L'intégration dans le mix ne pose pas problème : les machines sont aujourd'hui conformes aux codes réseaux les plus stricts et peuvent rester connectées, même en cas de perturbation. D'ailleurs, une éolienne reste une petite machine, et en cas de problème l'impact sur le réseau est moins important que, par exemple, lors du déclenchement d'une centrale au charbon.

L'intégration à l'environnement s'est améliorée. Les éoliennes sont moins bruyantes qu'avant, grâce à leur meilleur aérodynamisme, au gouvernement par machine ou par ferme, et à l'adaptation de la vitesse des rotors. A 500 mètres, le bruit est de 35 dBA, pas davantage qu'une conversation chuchotée, et il est couvert par le bruit du vent.

L'éolienne du futur produira 10 à 15 MW et son rotor dépassera 170 mètres. La taille constitue un vrai défi technologique : contrairement aux turbines à gaz, il n'y a pas de problème lié aux hautes températures ou aux hautes vitesses, mais il faut travailler sur les structures (pale, ligne d'arbre, tour, fondations) et sur l'électronique (contrôle des machines, anticipation des variations du vent, électronique de puissance pour l'intégration au réseau, prévision de la production). Il faut se souvenir que l'investissement initial représente 80 % du coût de l'électricité éolienne : chaque baisse des coûts se répercutera dans le prix de l'énergie produite.

Quand l'on compare les coûts de production des différentes sources d'électricité, on constate que l'éolien terrestre est compétitif, même s'il y faut des ressources naturelles : il n'est pas question d'implanter des éoliennes partout. Sur l'éolien marin, il y a encore des progrès à faire : M. Chevet espérait un prix de 150 à 180 euros par mégawatheure, j'espère qu'il aura de bonnes surprises en janvier.

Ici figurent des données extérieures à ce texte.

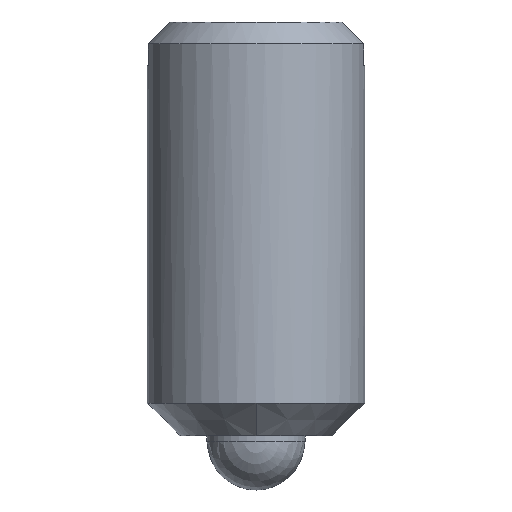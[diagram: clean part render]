
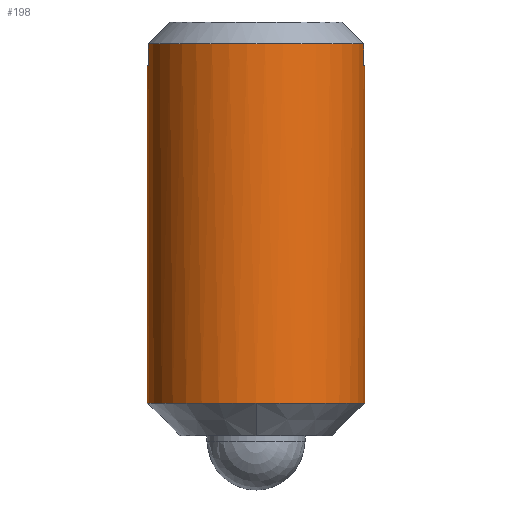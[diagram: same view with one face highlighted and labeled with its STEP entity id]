
A CAD part, front view. The second image highlights one B-rep face of the part: STEP entity #198.
In plain terms, the highlighted cylindrical face has radius 5 mm (diameter 10 mm), a partial arc.
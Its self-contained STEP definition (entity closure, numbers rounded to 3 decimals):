
#16 = EDGE_CURVE ( 'NONE', #564, #527, #353, .T. ) ;
#19 = EDGE_CURVE ( 'NONE', #507, #564, #183, .T. ) ;
#24 = DIRECTION ( 'NONE',  ( 0., 1., 0. ) ) ;
#36 = CARTESIAN_POINT ( 'NONE',  ( 5., 0., 4. ) ) ;
#46 = ORIENTED_EDGE ( 'NONE', *, *, #76, .T. ) ;
#57 = CARTESIAN_POINT ( 'NONE',  ( 0., 0., 19.5 ) ) ;
#67 = EDGE_LOOP ( 'NONE', ( #464, #106, #180, #269, #132, #304, #178, #137, #46 ) ) ;
#69 = CARTESIAN_POINT ( 'NONE',  ( -5., 0., 4. ) ) ;
#76 = EDGE_CURVE ( 'NONE', #377, #314, #362, .T. ) ;
#77 = DIRECTION ( 'NONE',  ( 0., 0., 1. ) ) ;
#92 = CARTESIAN_POINT ( 'NONE',  ( 0., 0., 20.5 ) ) ;
#98 = CARTESIAN_POINT ( 'NONE',  ( -5., 0., 19.5 ) ) ;
#106 = ORIENTED_EDGE ( 'NONE', *, *, #400, .F. ) ;
#107 = CARTESIAN_POINT ( 'NONE',  ( -4.936, -0.8, 20.5 ) ) ;
#111 = CARTESIAN_POINT ( 'NONE',  ( 0., 0., 4. ) ) ;
#127 = AXIS2_PLACEMENT_3D ( 'NONE', #473, #77, #439 ) ;
#132 = ORIENTED_EDGE ( 'NONE', *, *, #501, .F. ) ;
#137 = ORIENTED_EDGE ( 'NONE', *, *, #210, .T. ) ;
#139 = AXIS2_PLACEMENT_3D ( 'NONE', #92, #411, #568 ) ;
#150 = DIRECTION ( 'NONE',  ( 0., 0., 1. ) ) ;
#158 = CYLINDRICAL_SURFACE ( 'NONE', #466, 5. ) ;
#163 = VERTEX_POINT ( 'NONE', #98 ) ;
#168 = AXIS2_PLACEMENT_3D ( 'NONE', #57, #505, #525 ) ;
#178 = ORIENTED_EDGE ( 'NONE', *, *, #395, .T. ) ;
#180 = ORIENTED_EDGE ( 'NONE', *, *, #19, .T. ) ;
#183 = LINE ( 'NONE', #529, #321 ) ;
#191 = CIRCLE ( 'NONE', #380, 5. ) ;
#193 = DIRECTION ( 'NONE',  ( 0., 1., 0. ) ) ;
#198 = ADVANCED_FACE ( 'NONE', ( #290 ), #158, .T. ) ;
#199 = VERTEX_POINT ( 'NONE', #516 ) ;
#201 = DIRECTION ( 'NONE',  ( -1., 0., 0. ) ) ;
#210 = EDGE_CURVE ( 'NONE', #228, #377, #191, .T. ) ;
#213 = DIRECTION ( 'NONE',  ( 0., 0., -1. ) ) ;
#217 = VECTOR ( 'NONE', #352, 1000. ) ;
#222 = CARTESIAN_POINT ( 'NONE',  ( 0., -5., 4. ) ) ;
#228 = VERTEX_POINT ( 'NONE', #69 ) ;
#269 = ORIENTED_EDGE ( 'NONE', *, *, #16, .T. ) ;
#285 = CIRCLE ( 'NONE', #168, 5. ) ;
#288 = LINE ( 'NONE', #392, #310 ) ;
#290 = FACE_OUTER_BOUND ( 'NONE', #67, .T. ) ;
#293 = CARTESIAN_POINT ( 'NONE',  ( -4.936, -0.8, 19.5 ) ) ;
#298 = EDGE_CURVE ( 'NONE', #163, #566, #535, .T. ) ;
#304 = ORIENTED_EDGE ( 'NONE', *, *, #298, .F. ) ;
#310 = VECTOR ( 'NONE', #424, 1000. ) ;
#314 = VERTEX_POINT ( 'NONE', #36 ) ;
#319 = DIRECTION ( 'NONE',  ( 0., 0., 1. ) ) ;
#321 = VECTOR ( 'NONE', #319, 1000. ) ;
#333 = DIRECTION ( 'NONE',  ( 0., 0., 1. ) ) ;
#337 = CARTESIAN_POINT ( 'NONE',  ( 4.936, -0.8, 20.5 ) ) ;
#351 = CARTESIAN_POINT ( 'NONE',  ( 0., 0., -4.5 ) ) ;
#352 = DIRECTION ( 'NONE',  ( 0., 0., -1. ) ) ;
#353 = CIRCLE ( 'NONE', #139, 5. ) ;
#362 = CIRCLE ( 'NONE', #492, 5. ) ;
#375 = CARTESIAN_POINT ( 'NONE',  ( -4.936, -0.8, 19.5 ) ) ;
#377 = VERTEX_POINT ( 'NONE', #222 ) ;
#380 = AXIS2_PLACEMENT_3D ( 'NONE', #111, #520, #24 ) ;
#392 = CARTESIAN_POINT ( 'NONE',  ( 5., 0., -4.5 ) ) ;
#395 = EDGE_CURVE ( 'NONE', #163, #228, #402, .T. ) ;
#400 = EDGE_CURVE ( 'NONE', #507, #199, #285, .T. ) ;
#402 = LINE ( 'NONE', #558, #217 ) ;
#411 = DIRECTION ( 'NONE',  ( 0., 0., -1. ) ) ;
#417 = CARTESIAN_POINT ( 'NONE',  ( 0., 0., 4. ) ) ;
#419 = LINE ( 'NONE', #293, #479 ) ;
#424 = DIRECTION ( 'NONE',  ( 0., 0., -1. ) ) ;
#439 = DIRECTION ( 'NONE',  ( 1., 0., 0. ) ) ;
#464 = ORIENTED_EDGE ( 'NONE', *, *, #541, .F. ) ;
#466 = AXIS2_PLACEMENT_3D ( 'NONE', #351, #213, #201 ) ;
#473 = CARTESIAN_POINT ( 'NONE',  ( 0., 0., 19.5 ) ) ;
#479 = VECTOR ( 'NONE', #333, 1000. ) ;
#492 = AXIS2_PLACEMENT_3D ( 'NONE', #417, #150, #193 ) ;
#501 = EDGE_CURVE ( 'NONE', #566, #527, #419, .T. ) ;
#505 = DIRECTION ( 'NONE',  ( 0., 0., 1. ) ) ;
#507 = VERTEX_POINT ( 'NONE', #548 ) ;
#516 = CARTESIAN_POINT ( 'NONE',  ( 5., 0., 19.5 ) ) ;
#520 = DIRECTION ( 'NONE',  ( 0., 0., 1. ) ) ;
#525 = DIRECTION ( 'NONE',  ( 1., 0., 0. ) ) ;
#527 = VERTEX_POINT ( 'NONE', #107 ) ;
#529 = CARTESIAN_POINT ( 'NONE',  ( 4.936, -0.8, 19.5 ) ) ;
#535 = CIRCLE ( 'NONE', #127, 5. ) ;
#541 = EDGE_CURVE ( 'NONE', #199, #314, #288, .T. ) ;
#548 = CARTESIAN_POINT ( 'NONE',  ( 4.936, -0.8, 19.5 ) ) ;
#558 = CARTESIAN_POINT ( 'NONE',  ( -5., 0., -4.5 ) ) ;
#564 = VERTEX_POINT ( 'NONE', #337 ) ;
#566 = VERTEX_POINT ( 'NONE', #375 ) ;
#568 = DIRECTION ( 'NONE',  ( 0., -1., 0. ) ) ;
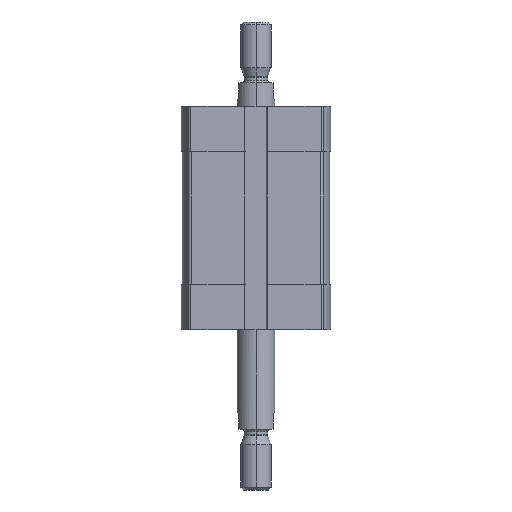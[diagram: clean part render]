
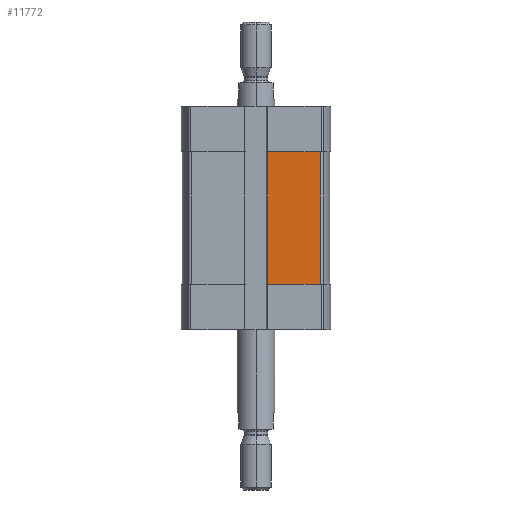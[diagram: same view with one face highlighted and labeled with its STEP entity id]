
A CAD part, left-side view. The second image highlights one B-rep face of the part: STEP entity #11772.
In plain terms, the highlighted planar face has unit normal (-1, 0, 0).
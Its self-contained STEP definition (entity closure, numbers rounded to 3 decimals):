
#51 = LINE ( 'NONE', #2292, #9490 ) ;
#242 = VECTOR ( 'NONE', #12626, 1000. ) ;
#422 = EDGE_CURVE ( 'NONE', #2501, #8100, #12033, .T. ) ;
#734 = DIRECTION ( 'NONE',  ( 0., -1., 0. ) ) ;
#1434 = VECTOR ( 'NONE', #2668, 1000. ) ;
#1671 = EDGE_CURVE ( 'NONE', #7666, #13339, #10100, .T. ) ;
#1698 = CARTESIAN_POINT ( 'NONE',  ( -19.5, -17.091, -47. ) ) ;
#1762 = CARTESIAN_POINT ( 'NONE',  ( -19.5, -17.091, -12. ) ) ;
#2043 = CARTESIAN_POINT ( 'NONE',  ( -19.5, -3.1, -47. ) ) ;
#2292 = CARTESIAN_POINT ( 'NONE',  ( -19.5, -3.1, -47. ) ) ;
#2296 = CARTESIAN_POINT ( 'NONE',  ( -19.5, -17.091, -47. ) ) ;
#2501 = VERTEX_POINT ( 'NONE', #8089 ) ;
#2668 = DIRECTION ( 'NONE',  ( 0., -1., 0. ) ) ;
#3189 = LINE ( 'NONE', #2296, #242 ) ;
#3961 = DIRECTION ( 'NONE',  ( 0., 0., 1. ) ) ;
#4019 = DIRECTION ( 'NONE',  ( -1., 0., 0. ) ) ;
#4173 = EDGE_LOOP ( 'NONE', ( #6671, #4847, #8040, #7755 ) ) ;
#4199 = DIRECTION ( 'NONE',  ( 0., 0., 1. ) ) ;
#4820 = EDGE_CURVE ( 'NONE', #8100, #13339, #3189, .T. ) ;
#4847 = ORIENTED_EDGE ( 'NONE', *, *, #9934, .F. ) ;
#6671 = ORIENTED_EDGE ( 'NONE', *, *, #1671, .F. ) ;
#7666 = VERTEX_POINT ( 'NONE', #11177 ) ;
#7755 = ORIENTED_EDGE ( 'NONE', *, *, #4820, .T. ) ;
#7820 = CARTESIAN_POINT ( 'NONE',  ( -19.5, -3.1, -47. ) ) ;
#8040 = ORIENTED_EDGE ( 'NONE', *, *, #422, .T. ) ;
#8089 = CARTESIAN_POINT ( 'NONE',  ( -19.5, -3.1, -47. ) ) ;
#8100 = VERTEX_POINT ( 'NONE', #1698 ) ;
#8845 = VECTOR ( 'NONE', #734, 1000. ) ;
#9302 = PLANE ( 'NONE',  #12546 ) ;
#9490 = VECTOR ( 'NONE', #4199, 1000. ) ;
#9934 = EDGE_CURVE ( 'NONE', #2501, #7666, #51, .T. ) ;
#10100 = LINE ( 'NONE', #13033, #8845 ) ;
#11177 = CARTESIAN_POINT ( 'NONE',  ( -19.5, -3.1, -12. ) ) ;
#11772 = ADVANCED_FACE ( 'NONE', ( #12302 ), #9302, .T. ) ;
#12033 = LINE ( 'NONE', #7820, #1434 ) ;
#12302 = FACE_OUTER_BOUND ( 'NONE', #4173, .T. ) ;
#12546 = AXIS2_PLACEMENT_3D ( 'NONE', #2043, #4019, #3961 ) ;
#12626 = DIRECTION ( 'NONE',  ( 0., 0., 1. ) ) ;
#13033 = CARTESIAN_POINT ( 'NONE',  ( -19.5, -3.1, -12. ) ) ;
#13339 = VERTEX_POINT ( 'NONE', #1762 ) ;

Alstom produit aussi de l'électricité solaire thermique : nous avons investi dans les tours solaires, où des miroirs reflètent des rayons dans une chaudière, transformant l'eau en vapeur, celle-ci actionnant une turbine qui produit de l'électricité. Mais en France les conditions ne sont pas favorables. Quant au solaire photovoltaïque, ses coûts de production sont en baisse constante.

Il faut d'ailleurs tenir compte des variations de coûts : si le cours du combustible d'une centrale classique peut évoluer, dans le domaine des énergies renouvelables les variations sont maîtrisables et connues pour toute la durée de vie d'une centrale. L'éolien est techniquement et économiquement crédible, au sein d'un mix respectueux de l'environnement.